I am however an expert in Nutrition and believe that what we put ‘in’ our bodies can have just as much impact on our physical appearance, if not more, as what we put ‘on' our bodies, so here are a few of the foods I include in my diet in an attempt to achieve and maintain a fresh and as clear a complexion as possible!
Fruit and Vegetables – As well as being a major source of skin loving vitamins (such as vitamin C) and minerals, fruit and vegetables are rich in compounds called antioxidants, which fight free radicals in your body. Free radicals can cause damage and degradation of the skin’s collagen fibres, which can lead to reduced skin elasticity and resilience (=wrinkles) and a dulled, less plump appearance of the skin! To boost your antioxidant intake you should eat plenty of colourful (red, yellow, orange, green) fruit and vegetables and aim for at least the government’s recommendation of a variety of five portions of fruit and vegetables a day.
Vitamin E - Vitamin E is also an antioxidant and very well known for it’s skin health properties. As an antioxidant it protects the skin from collagen damaging free radicals, and being a fat-soluble vitamin (so gets deep in to the fatty layers of the skin) it can give collagen maximum protection against free radical attack. Key sources of vitamin E include avocados, nuts and olive oil.
Zinc - Zinc is another important nutrient renown for it’s role in skin health. As well as helping to regulate the hormone that can cause acne and blackheads, it’s is also reported to help regulate sebaceous secretions to avoid the skin becoming too dry or too oily. Nuts and seeds are a great source of zinc.
Omega 3 Fats– Omega 3 is a type of healthy fat (not all fats are bad!), which is important for skin health because of it’s anti-inflammatory properties, and it’s function in the skin’s cell membranes - omega 3 fats aid better oxygen delivery to the skin, better transport of nutrients to the skin and enhances the skin’s ability to retain moisture (= radiant you!). The richest source of omega 3 fat is oily fish, which includes salmon, mackerel, trout, fresh tuna (not tinned) and pilchards. I know a lot of people don’t like oily fish, but don’t despair, if you are not an oily fish lover like me (my favourite is smoked salmon), you can opt for a standard omega 3 supplement.

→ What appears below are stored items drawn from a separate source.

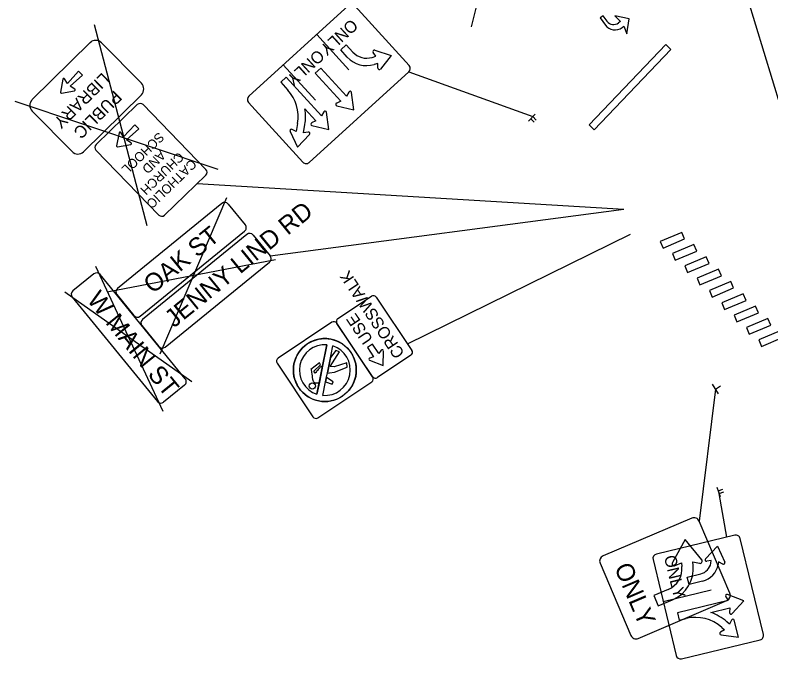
# Model space of a CAD drawing. Extents: x 1479394 to 1483660, y 379804 to 384342.
# Drawn here: x 1479394 to 1479604.6, y 379815.7 to 379995.2 of the extents above; entities that cross this region are included whole.
import ezdxf

# ---------------------------------------------------------------- set-up
doc = ezdxf.new("R2010")
doc.units = 0
for name, color, linetype in [('PM_P_Cells', 7, 'Continuous'), ('PM_P_Stop_Line', 7, 'Continuous'), ('RD_P_Text', 7, 'Continuous'), ('SC_Scratch15', 7, 'Continuous'), ('SC_Scratch3', 7, 'Continuous'), ('SH_Text', 7, 'Continuous')]:
    doc.layers.add(name, color=color, linetype=linetype)

msp = doc.modelspace()

# ---------------------------------------------------------------- linework, layer by layer
at = {"layer": 'PM_P_Cells'}
for p, q in [((1479557.84, 379995.03), (1479557.03, 379994.44)), ((1479557.03, 379994.44), (1479558.49, 379992.44)), ((1479558.94, 379993.53), (1479557.84, 379995.03)), ((1479565.07, 379994.18), (1479561.12, 379995.06)), ((1479561.12, 379995.06), (1479562.71, 379993.45)), ((1479564.44, 379989.95), (1479565.07, 379994.18)), ((1479562.71, 379993.45), (1479562.15, 379993.03)), ((1479563.12, 379991.76), (1479563.66, 379992.15)), ((1479563.66, 379992.15), (1479564.44, 379989.95)), ((1479564.44, 379989.95), (1479564.44, 379989.95))]:
    msp.add_line(p, q, dxfattribs=at)
for centre, radius, end in [((1479560.79, 379994.89), 2.3, 306.1769), ((1479561.14, 379994.38), 3.28, 307.0854)]:
    msp.add_arc(centre, radius, 216.1769, end, dxfattribs=at)
at = {"layer": 'PM_P_Stop_Line'}
msp.add_lwpolyline([(1479576.76, 379985.6), (1479575.34, 379987), (1479553.96, 379964.59), (1479555.4, 379963.2)], close=True, dxfattribs=at)
at = {"layer": 'RD_P_Text'}
for p, q in [((1479430.83, 379936.43), (1479416.15, 379992.52)), ((1479450.63, 379952.18), (1479394.05, 379971.11)), ((1479452.92, 379944.24), (1479434.33, 379900.66)), ((1479419.69, 379918.05), (1479466.63, 379927.1)), ((1479416.45, 379925.26), (1479435.18, 379884.77)), ((1479443.29, 379893.01), (1479407.91, 379917.97)), ((1479590.03, 379889.61), (1479588.31, 379892.31)), ((1479589.17, 379890.96), (1479590.52, 379891.82))]:
    msp.add_line(p, q, dxfattribs=at)
at = {"layer": 'SC_Scratch15'}
for p, q in [((1479578.23, 380065.44), (1479613.9, 379947.6)), ((1479487.06, 379979.98), (1479478.08, 379989.84)), ((1479484.77, 379985.51), (1479486.31, 379986.91)), ((1479486.59, 379983.51), (1479484.77, 379985.51)), ((1479486.31, 379986.91), (1479488.13, 379984.91)), ((1479494.25, 379985.44), (1479498.85, 379983.97)), ((1479493.49, 379983.43), (1479494.5, 379983.74)), ((1479494.5, 379983.74), (1479493.78, 379984.8)), ((1479498.85, 379983.97), (1479495.84, 379980.19)), ((1479477.74, 379971.5), (1479468.76, 379981.35)), ((1479495.11, 379981.74), (1479494.1, 379981.44)), ((1479495.09, 379980.46), (1479495.11, 379981.74)), ((1479479.22, 379980.46), (1479477.68, 379979.06)), ((1479477.68, 379979.06), (1479484.8, 379971.25)), ((1479486.34, 379972.65), (1479479.22, 379980.46)), ((1479503.73, 379979.39), (1479538.25, 379966.91)), ((1479469.59, 379977.88), (1479468.05, 379976.48)), ((1479479.37, 379967.15), (1479469.59, 379977.88)), ((1479468.05, 379976.48), (1479470.02, 379974.33)), ((1479486.99, 379973.77), (1479486.34, 379972.65)), ((1479488.42, 379968.82), (1479487.76, 379973.61)), ((1479484.8, 379971.25), (1479483.63, 379970.71)), ((1479474.79, 379969.08), (1479477.83, 379965.75)), ((1479480.02, 379968.26), (1479479.37, 379967.15)), ((1479483.71, 379969.92), (1479488.42, 379968.82)), ((1479481.45, 379963.32), (1479480.79, 379968.11)), ((1479537.03, 379965.63), (1479538.91, 379967.6)), ((1479537.69, 379966.32), (1479538.67, 379965.38)), ((1479537.97, 379966.61), (1479537.97, 379966.61)), ((1479537.97, 379966.61), (1479537.97, 379966.61)), ((1479538.25, 379966.91), (1479539.24, 379965.97)), ((1479472.74, 379965.03), (1479472.35, 379962.77)), ((1479474.41, 379962.42), (1479474.79, 379964.68)), ((1479477.83, 379965.75), (1479476.66, 379965.21)), ((1479476.74, 379964.42), (1479481.45, 379963.32)), ((1479470.64, 379962.81), (1479472.67, 379958.42)), ((1479472.35, 379962.77), (1479471.2, 379963.36)), ((1479475.68, 379962.59), (1479474.41, 379962.42)), ((1479472.67, 379958.42), (1479476.04, 379961.89)), ((1479503.38, 379903.52), (1479565.44, 379934.1)), ((1479478.13, 379889.51), (1479480.88, 379903.32)), ((1479493.65, 379903.47), (1479492.18, 379902.5)), ((1479481.78, 379897.22), (1479484.44, 379901.37)), ((1479481.78, 379897.22), (1479484.44, 379901.37)), ((1479483.39, 379901.73), (1479481.88, 379899.77)), ((1479483.39, 379901.73), (1479481.88, 379899.77)), ((1479484.44, 379901.37), (1479483.39, 379901.73)), ((1479484.44, 379901.37), (1479483.39, 379901.73)), ((1479492.18, 379902.5), (1479493.9, 379899.94)), ((1479496.06, 379901.78), (1479495.36, 379900.9)), ((1479496.58, 379897.5), (1479496.67, 379901.56)), ((1479481.88, 379899.77), (1479481.03, 379895.48)), ((1479492.8, 379898.97), (1479496.58, 379897.5)), ((1479493.9, 379899.93), (1479492.83, 379899.61)), ((1479493.9, 379899.94), (1479493.9, 379899.93)), ((1479494.69, 379900.33), (1479494.69, 379900.33)), ((1479478.83, 379898.25), (1479476.47, 379896.4)), ((1479478.83, 379898.25), (1479476.47, 379896.4)), ((1479477.23, 379895.97), (1479479.14, 379897.69)), ((1479477.23, 379895.97), (1479479.14, 379897.69)), ((1479478.8, 379892.91), (1479479.69, 379897.37)), ((1479479.14, 379897.69), (1479478.83, 379898.25)), ((1479479.14, 379897.69), (1479478.83, 379898.25)), ((1479482.93, 379897.13), (1479481.78, 379897.22)), ((1479482.93, 379897.13), (1479481.78, 379897.22)), ((1479486.45, 379898.22), (1479482.93, 379897.13)), ((1479486.45, 379898.22), (1479482.93, 379897.13)), ((1479482.99, 379895.68), (1479486.59, 379897.09)), ((1479482.99, 379895.68), (1479486.59, 379897.09)), ((1479486.59, 379897.09), (1479486.45, 379898.22)), ((1479486.59, 379897.09), (1479486.45, 379898.22)), ((1479476.47, 379896.4), (1479476.48, 379896.38)), ((1479476.47, 379896.4), (1479476.48, 379896.38)), ((1479477.62, 379895.35), (1479477.23, 379895.97)), ((1479477.62, 379895.35), (1479477.23, 379895.97)), ((1479481.03, 379895.48), (1479481.01, 379895.4)), ((1479481.01, 379895.4), (1479481.59, 379895.46)), ((1479481.01, 379895.4), (1479481.59, 379895.46)), ((1479481.59, 379895.46), (1479482.99, 379895.68)), ((1479481.59, 379895.46), (1479482.99, 379895.68)), ((1479478.77, 379892.76), (1479478.8, 379892.91)), ((1479480.53, 379892.98), (1479482.35, 379892.34)), ((1479480.53, 379892.98), (1479482.35, 379892.34)), ((1479480.76, 379894.13), (1479480.72, 379893.9)), ((1479482.61, 379893), (1479480.76, 379894.13)), ((1479482.61, 379893), (1479480.76, 379894.13)), ((1479482.35, 379892.34), (1479482.61, 379893)), ((1479482.35, 379892.34), (1479482.61, 379893)), ((1479589.17, 379890.96), (1479584.6, 379854.14)), ((1479590.51, 379860.91), (1479589.59, 379863.47)), ((1479589.91, 379862.57), (1479591.19, 379863.03)), ((1479590.05, 379862.19), (1479590.05, 379862.19)), ((1479590.05, 379862.19), (1479590.05, 379862.19)), ((1479590.19, 379861.8), (1479591.47, 379862.26)), ((1479592.33, 379849.65), (1479590.19, 379861.8)), ((1479580.69, 379848.97), (1479577.15, 379842.62)), ((1479585.33, 379843.37), (1479580.69, 379848.97)), ((1479586.35, 379843.64), (1479589.73, 379847.1)), ((1479589.73, 379847.1), (1479591.75, 379842.7)), ((1479577.93, 379841.73), (1479579.72, 379842.48)), ((1479579.72, 379842.48), (1479579.81, 379841.49)), ((1479582.92, 379841.78), (1479582.83, 379842.76)), ((1479582.83, 379842.76), (1479584.72, 379842.36)), ((1479587.98, 379843.11), (1479586.7, 379842.94)), ((1479587.86, 379842.43), (1479587.98, 379843.11)), ((1479590.03, 379842.75), (1479589.91, 379842.07)), ((1479591.18, 379842.16), (1479590.03, 379842.75)), ((1479581.3, 379838.52), (1479585.05, 379839.43)), ((1479581.79, 379836.5), (1479581.3, 379838.52)), ((1479585.54, 379837.4), (1479581.79, 379836.5)), ((1479575.97, 379835.07), (1479571.95, 379833.35)), ((1479587.97, 379834.88), (1479574.6, 379831.65)), ((1479597.04, 379831.93), (1479592.52, 379833.66)), ((1479571.95, 379833.35), (1479573.17, 379830.48)), ((1479573.17, 379830.48), (1479577.2, 379832.19)), ((1479592.68, 379831.95), (1479578.57, 379828.54)), ((1479592.02, 379833.05), (1479592.68, 379831.95)), ((1479593.81, 379828.33), (1479597.04, 379831.93)), ((1479587.88, 379828.65), (1479593.17, 379829.92)), ((1479593.17, 379829.92), (1479593.08, 379828.64)), ((1479578.57, 379828.54), (1479579.06, 379826.52)), ((1479579.06, 379826.52), (1479580.98, 379826.98)), ((1479593.06, 379825.37), (1479592.31, 379826.04)), ((1479593.59, 379826.55), (1479593.06, 379825.37)), ((1479595.53, 379821.78), (1479594.38, 379826.48)), ((1479591.67, 379823.82), (1479590.57, 379823.16)), ((1479590.92, 379824.49), (1479591.67, 379823.82)), ((1479590.73, 379822.39), (1479595.53, 379821.78))]:
    msp.add_line(p, q, dxfattribs=at)
for points in [[(1479486.89, 379997.87), (1479459.17, 379972.62)], [(1479503.81, 379981.16), (1479488.66, 379997.79)], [(1479476.01, 379954.14), (1479503.73, 379979.39)], [(1479459.09, 379970.85), (1479474.24, 379954.22)], [(1479483.97, 379910.59), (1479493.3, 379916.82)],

Fluids I’m sure I’m not the first person to tell you how important good hydration is for skin health and one of the best drinks that I can advocate is good old water, sorry to be a bore! The good news for any water haters out there is that generally any decaffeinated and alcohol-free fluids will contribute to a hydrated body and hydrated skin (herbal teas, low sugar squash, fresh fruit juice), but I opt for water; it’s cheap (if you’re not too proud to use tap water), zero calorie and it’s available pretty much everywhere so it’s a perfect option. 1.5 - 2 litres of fluid each day is the general recommendation, maybe more if you live in very hot climates or do lots of exercise.
I could go on and on about other skin boosting foods, but I’m sure there are a few other blogs on your blogroll that you need to check out, so I will just leave you with an image of this book, written by a fellow Registered Nutritionist, that I highly recommend - it’s great for anyone that has skin conditions like psoriasis and eczema too.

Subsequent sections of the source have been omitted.